Hi, this is very similar to this post here: Unable to allocate cuda memory, when there is enough of cached memory, but I just wanted to check if my proposed solution should work as a fix.
My error is:
RuntimeError: CUDA out of memory. Tried to allocate 1.53 GiB (GPU 3; 15.78 GiB total capacity; 6.74 GiB already allocated; 792.19 MiB free; 13.82 GiB reserved in total by PyTorch) If reserved memory is >> allocated memory try setting max_split_size_mb to avoid fragmentation. See documentation for Memory Management and PYTORCH_CUDA_ALLOC_CONF
CUDA out of memory. Tried to allocate 1.53 GiB (GPU 3; 15.78 GiB total capacity; 6.74 GiB already allocated; 792.19 MiB free; 13.82 GiB reserved in total by PyTorch) If reserved memory is >> allocated memory try setting max_split_size_mb to avoid fragmentation. See documentation for Memory Management and PYTORCH_CUDA_ALLOC_CONF
As you can see, I’m trying to allocate 1.53GiB with 7GiB allocated. Ideally the extra 6GiB reserved by PyTorch could be used for the 1.53GiB, but it doesn’t seem to be able to handle this. Likely this is because my application does a lot of GPU-CPU swaps as it’s using a memory offload system I’ve developed (similar to ZeRO).

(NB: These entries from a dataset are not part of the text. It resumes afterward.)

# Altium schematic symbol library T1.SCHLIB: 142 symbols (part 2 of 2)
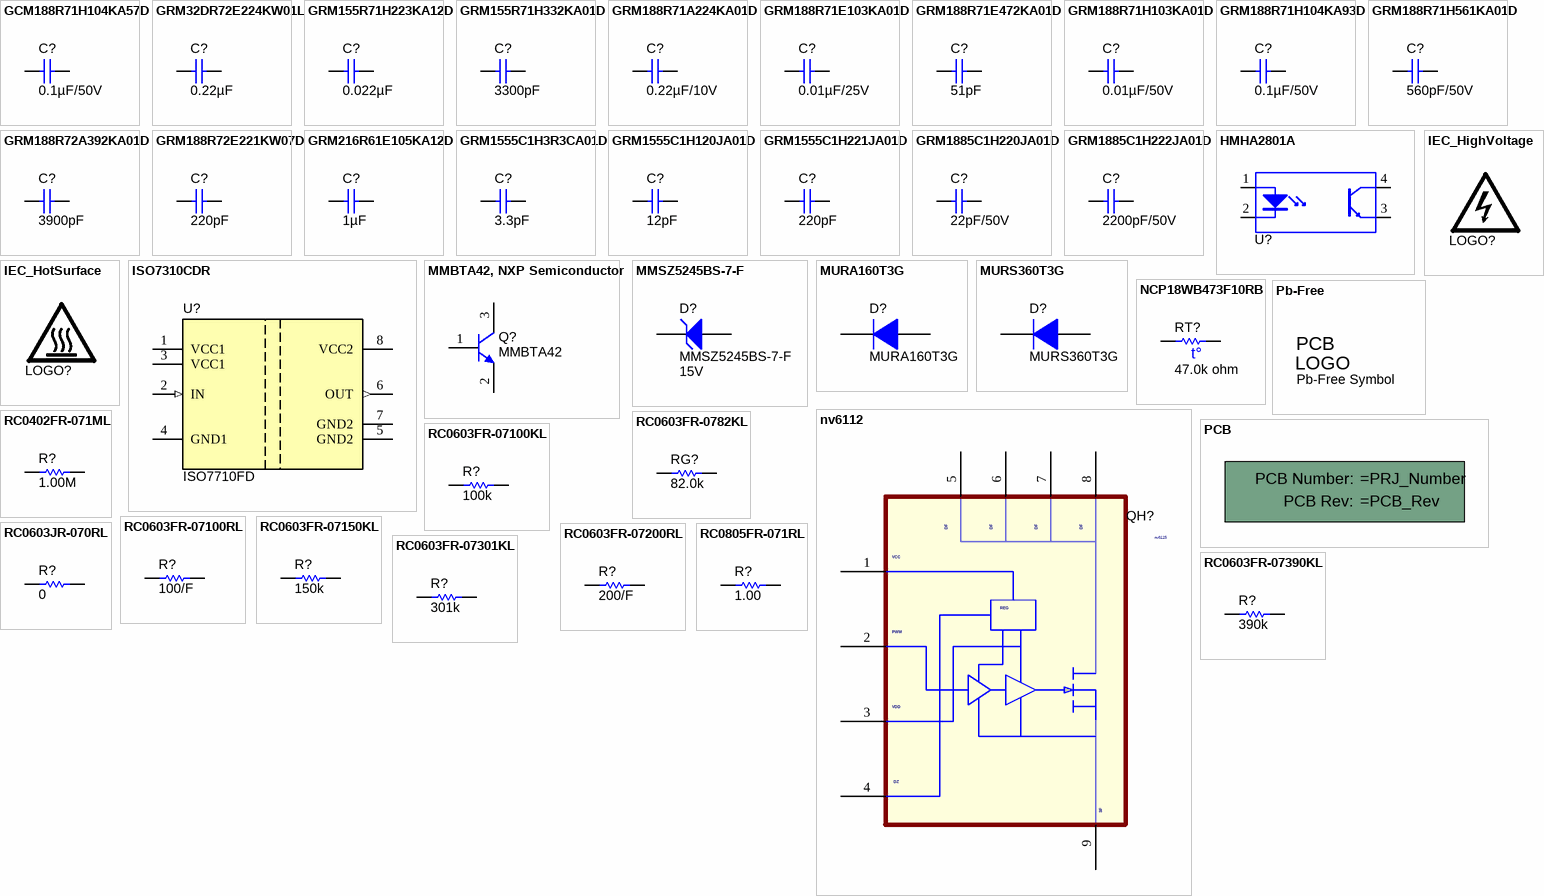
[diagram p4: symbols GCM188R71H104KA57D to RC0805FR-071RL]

## GRM1885C1H222JA01D
designator C?  ValueDisplayed: 2200pF/50V  (hidden comment: GRM1885C1H222JA01D)
CAP, CERM, 2200 pF, 50 V, +/- 5%, C0G/NP0, 0603; Manufacturer: MuRata; Polarized: N; CompType: Capacitor; Value: 2200pF; U/M: EA; Cap_F: 0.0000000022; Tolerance_%: 5; Value1: Unknown; VDC_V: 50; Value2: 50V; TaMin_C: -55; TaMax_C: 125; Cap_Case: 0603; SizeArea_mm2: 1.28; SizeAreaWB_mm2: 4.68; SizeX_mm: 1.6; SizeY_mm: 0.8; SizeZ_mm: 1; AEC Category: Q200
signal-integrity model Cap
simulation model Cap
footprint 0603
footprint 0603M
footprint 0603L
footprint 0603_HV
footprint 0603S
pins: 1, 2

## HMHA2801A
designator U?  (value not drawn)
Optocoupler, 3.75 kV, 80-160% CTR, SMT; Manufacturer: Fairchild Semiconductor; CTR (Min): 80%; CTR (Max): 160%; Voltage_Isolation_Vrms: 3750V; SizeAreaWB_mm2: 4; SizeArea_mm2: 1
footprint MFP04A
pins: 1 A, 2 K, 3 E, 4 C
1 alternate drawing of the same symbol

## IEC_HighVoltage
designator LOGO?, comment DANGER HIGH VOLTAGE  (value not drawn)  (no BOM)
IEC 61010-1 High Voltage Warning; SymbolCreator: a0412235
footprint IEC_HighVoltage_Large
footprint IEC_HighVoltage_Medium
footprint IEC_HighVoltage_Small

## IEC_HotSurface
designator LOGO?, comment CAUTION HOT SURFACE  (value not drawn)  (no BOM)
IEC 61010-1 Hot Surface Warning; SymbolCreator: a0412235
footprint IEC_HotSurface_Large
footprint IEC_HotSurface_Medium
footprint IEC_HotSurface_Small

## ISO7310CDR
designator U?, comment ISO7710FD
Robust EMC, Low Power, Single Channel Digital Isolator, D0008A (SOIC-8); Alternate PartNumber: ISO7310CD; Manufacturer: Texas Instruments; SymbolCreator: a0411947; SizeArea_mm2: 30.38; SizeAreaWB_mm2: 56.58; SizeX_mm: 4.9; SizeY_mm: 6.2; SizeZ_mm: 1.75; CompType: IC; U/M: EA
footprint D0008A_N
footprint D0008A_M
footprint D0008A_L
pins: 1 VCC1 (power), 2 IN (in), 3 VCC1 (power), 4 GND1 (power), 5 GND2 (power), 6 OUT (out), 7 GND2 (power), 8 VCC2 (power)

## MMBTA42, NXP Semiconductor
designator Q?, comment MMBTA42
Transistor, NPN, 300 V, 0.1 A, SOT-23; Manufacturer: NXP Semiconductor; CompType: BJT; PNP: 0; NPN: 1; Vceo_V: 300; Vcesat1_V: 0.5; Value: 300 V; IcRated_A: 0.1; Value1: 0.1 A; TaMin_C: -65; TaMax_C: 150; U/M: EA; AEC Category: Q101
footprint SOT-23
footprint SOT-23M
footprint SOT-23L
pins: 1 B, 2 E, 3 C

## MMSZ5245BS-7-F
designator D?  value 15V
Diode, Zener, 15 V, 200 mW, SOD-323; Manufacturer: Diodes Inc.; SymbolCreator: a0412235; U/M: EA; Power_W: 0.2; Vz_V: 15; Value1: 0.2W; RJA_CperW: 350; SizeAreaWB_mm2: 8.695; SizeArea_mm2: 3.645; SizeX_mm: 2.7; SizeY_mm: 1.35; SizeZ_mm: 1; AEC Category: Q101
signal-integrity model Diode
footprint SOD-323
pins: 1 K, 2 A

## MURA160T3G
designator D?
Diode, Ultrafast, 600V, 1A, SMA; Manufacturer: ON Semiconductor; Value: 1.05V; U/M: EA; Vf_V: 1.05; Io_A: 1; Vr_V: 600; TJmax_C: 175
signal-integrity model Diode
simulation model Dmura160t3
footprint SMA
footprint SMA (Molded Diode, 2-Leads, Body 4.3x2.6mm, IPC Medium Density, based on OnSemi component dimensions and land pattern)
pins: 1 K, 2 A

## MURS360T3G
designator D?
Diode, Ultrafast, 600 V, 3 A, SMC; Manufacturer: ON Semiconductor; U/M: EA; Vf_V: 1.25; Value: 600V; Value1: 3A; Value2: 1.25V; Io_A: 3; Vr_V: 600; TJmax_C: 175; RJC_CperW: 11; SizeAreaWB_mm2: 83.2686; SizeArea_mm2: 50.5686; SizeX_mm: 8.13; SizeY_mm: 6.22; SizeZ_mm: 2.6; AEC Category: Q101
signal-integrity model Diode
simulation model MURS360T3
footprint SMC
pins: 1 K, 2 A

## NCP18WB473F10RB
designator RT?  value 47.0k ohm  (hidden comment: NCP18WB473F10RB)
Thermistor NTC, 47.0k ohm, 1%, 0603; Manufacturer: MuRata; Tolerance_%: 1; Power_W: 0.1; TaMin_C: -40; TaMax_C: 125; U/M: EA
footprint 0603
footprint 0603M
footprint 0603L
footprint 0603_HV
footprint 0603S
pins: 1, 2

## nv6112
designator QH?, comment nv6115
MosFET,DPAK,30V,100A,4.5mohms; Manufacturer 1: International Rectifier; Part Number 1: IRLR7833; Altium-Right: 160; Altium-Bottom: 219
footprint QFN5X6B
pins: 1 VCC, 2 PWM, 3 VDD, 4 DZ, 5 Drain1, 6 Drain2, 7 Drain3, 8 Drain4, 9 S

## Pb-Free
designator Logo?, comment Pb-Free Symbol  (no BOM)
SymbolCreator: a0412235
footprint Pb-Free_Overlay_Medium
footprint Pb-Free_Overlay_Small

## PCB
designator !PCB?, comment Printed Circuit Board  (value not drawn)  (mechanical)
Manufacturer: Any; SymbolCreator: a0412235; CompType: PCB
1 alternate drawing of the same symbol

## RC0402FR-071ML
designator R?  ValueDisplayed: 1.00M  (hidden comment: RC0402FR-071ML)
RES, 1.00 M, 1%, 0.063 W, 0402; Manufacturer: Yageo America; CompType: Resistor; Value: 1.00Meg; Res_ohm: 1000000; Value_Code: 1M00; Tolerance_%: 1; Power_W: 0.063; Value2: 0.063W; TempCo: 100 ppm/C; SizeArea_mm2: 0.5; SizeZ_mm: 0.6; EIA_Code: E96; U/M: EA; AEC Category: Q200
signal-integrity model Resistor
simulation model Resistor
footprint 0402
footprint 0402M
footprint 0402L
footprint 0402S
pins: 1, 2

## RC0603FR-0782KL
designator RG?  ValueDisplayed: 82.0k  (hidden comment: RC0603FR-0782KL)
RES, 82.0 k, 1%, 0.1 W, 0603; Manufacturer: Yageo America; CompType: Resistor; Value: 82.0k; Res_ohm: 82000; Value_Code: 82k0; Tolerance_%: 1; Power_W: 0.1; Value2: 0.1W; VDC_V: 150; TempCo: 200 ppm/C; SizeArea_mm2: 1.28; SizeX_mm: 1.6; SizeY_mm: 0.8; U/M: EA; AEC Category: Q200; Green_Lifecycle: Active; Green_REACh: Passed
signal-integrity model Resistor
simulation model Resistor
footprint 0603
footprint 0603M
footprint 0603L
footprint 0603_HV
footprint 0603S
pins: 1, 2

## RC0603FR-07100KL
designator R?  ValueDisplayed: 100k  (hidden comment: RC0603FR-07100KL)
RES, 100 k, 1%, 0.1 W, 0603; Manufacturer: Yageo America; CompType: Resistor; Value: 100k; Res_ohm: 100000; Tolerance_%: 1; Power_W: 0.1; Value2: 0.1W; VDC_V: 150; TempCo: 200 ppm/C; SizeArea_mm2: 1.28; SizeX_mm: 1.6; SizeY_mm: 0.8; EIA_Code: E96; U/M: EA; AEC Category: Q200
signal-integrity model Resistor
simulation model Resistor
footprint 0603
footprint 0603M
footprint 0603L
footprint 0603_HV
footprint 0603S
pins: 1, 2

## RC0603FR-07100RL
designator R?  ValueDisplayed: 100/F  (hidden comment: RC0603FR-07100RL)
RES, 100, 1%, 0.1 W, 0603; Manufacturer: Yageo America; CompType: Resistor; Value: 100; Value_Code: 100R; Tolerance_%: 1; Power_W: 0.1; Value2: 0.1W; VDC_V: 150; TempCo: 200 ppm/C; SizeArea_mm2: 1.28; SizeX_mm: 1.6; SizeY_mm: 0.8; EIA_Code: E96; U/M: EA; AEC Category: Q200
signal-integrity model Resistor
simulation model Resistor
footprint 0603
footprint 0603M
footprint 0603L
footprint 0603_HV
footprint 0603S
pins: 1, 2

## RC0603FR-07150KL
designator R?  ValueDisplayed: 150k  (hidden comment: RC0603FR-07150KL)
RES, 150 k, 1%, 0.1 W, 0603; Manufacturer: Yageo America; CompType: Resistor; Value: 150k; Res_ohm: 150000; Tolerance_%: 1; Power_W: 0.1; Value2: 0.1W; VDC_V: 150; TempCo: 200 ppm/C; SizeArea_mm2: 1.28; SizeX_mm: 1.6; SizeY_mm: 0.8; EIA_Code: E96; U/M: EA; AEC Category: Q200
signal-integrity model Resistor
simulation model Resistor
footprint 0603
footprint 0603M
footprint 0603L
footprint 0603_HV
footprint 0603S
pins: 1, 2

## RC0603FR-07200RL
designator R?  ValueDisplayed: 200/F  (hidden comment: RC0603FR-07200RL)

I know that DeepSpeed handles memory management themselves to avoid this issue, but I’m just looking for a quick fix. Would setting this variable:
PYTORCH_CUDA_ALLOC_CONF=max_split_size_mb:128
avoid fragmentation and thus resolve my issue? What are the implications of setting this variable?
I would appreciate any help on this subject.